Determine if a binary tree is height-balanced. Workday uses this to catch sloppy 'recompute depth at every node' candidates — at org-chart scale, that's O(n^2).

By Alex Chen, Founder, InterviewChamp.AI · Last verified

Source citations

Public interview reports confirming this problem appears in Workday loops.

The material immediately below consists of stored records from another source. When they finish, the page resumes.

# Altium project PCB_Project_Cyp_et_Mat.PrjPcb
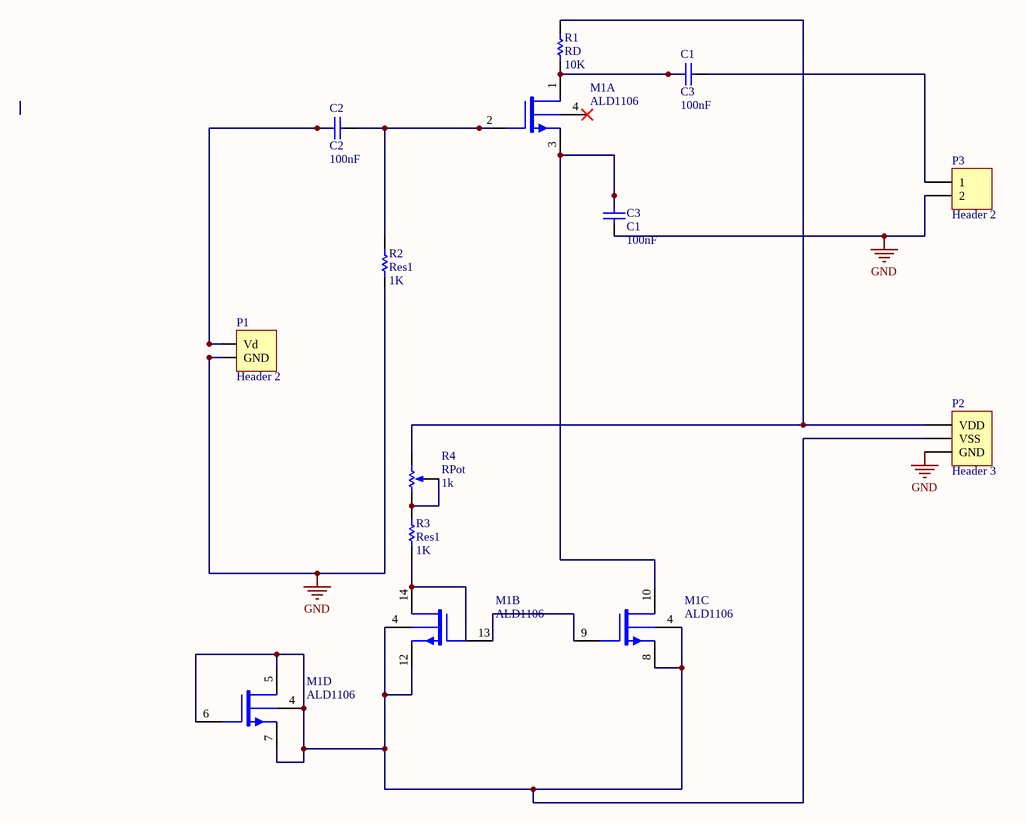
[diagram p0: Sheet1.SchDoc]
1 sheet, 11 parts. Net scope: global (net labels, ports and power ports of the same name join across sheets).
Board file: PCB2.PcbDoc

## Sheet Sheet1.SchDoc
size A4

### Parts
C1  C3  value 100nF  [RAD-0.3]
C2  C2  value 100nF  [RAD-0.3]
C3  C1  value 100nF  [RAD-0.3]
M1  ALD1106  [DIP-14]  (parts A,B,C,D of 4)
P1  Header 2  [HDR1X2]
P2  Header 3  [HDR1X3]
P3  Header 2  [HDR1X2]
R1  RD  value 10K  [AXIAL-0.3]
R2  Res1  value 1K  [AXIAL-0.3]
R3  Res1  value 1K  [AXIAL-0.3]
R4  RPot  value 1k  [VR5]

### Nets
GND: C3.1 P1.2(GND) P2.3(GND) P3.2 R2.1
NetC1_1: C1.1 M1.1(DN1) R1.1
NetC1_2: C1.2 P3.1
NetC2_1: C2.1 P1.1(Vd)
NetC2_2: C2.2 M1.2(GN1) R2.2
NetC3_2: C3.2 M1.3(SN1) M1.10(DN3)
NetM1_4: M1.4(V-) M1.5(DN4) M1.6(GN4) M1.7(SN4) M1.8(SN3) M1.12(SN2) P2.2(VSS)
NetM1_9: M1.9(GN3) M1.13(GN2)
NetM1_14: M1.14(DN2) R3.1
NetP2_1: P2.1(VDD) R1.2 R4.3(BOT)
NetR3_2: R3.2 R4.1(TOP) R4.2(TAP)

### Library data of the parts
C1-C3 = Cap: Capacitor
M1 = ALD1106: Quad N-channel matched MOSFET array
P1 P3 = Header 2: Header, 2-Pin
P2 = Header 3: Header, 3-Pin
R1-R3 = Res1: Resistor
R4 = RPot: Potentiometer; Sim Note: Enter the Resistance value and the set point into parameter fields.; Set Position: 0.5

  • Glassdoor (2025-Q4)Workday SDE2 phone — tree warmup.

Problem

Given a binary tree, determine if it is height-balanced. A height-balanced binary tree is a binary tree in which the depth of the two subtrees of every node never differs by more than one.

Constraints

  • The number of nodes in the tree is in the range [0, 5000].
  • -10^4 <= Node.val <= 10^4

Examples

Example 1

Input
root = [3,9,20,null,null,15,7]
Output
true

Example 2

Input
root = [1,2,2,3,3,null,null,4,4]
Output
false

Approaches

1. Naive: depth at every node

At each node, compute left-depth and right-depth recursively; recurse to children.

Time
O(n^2) worst case
Space
O(h)
function depth(n){ if(!n) return 0; return 1 + Math.max(depth(n.left), depth(n.right)); }
function isBalanced(root){
  if(!root) return true;
  if(Math.abs(depth(root.left) - depth(root.right)) > 1) return false;
  return isBalanced(root.left) && isBalanced(root.right);
}

Tradeoff: Recomputes depth from scratch at each node — O(n^2) on skewed trees.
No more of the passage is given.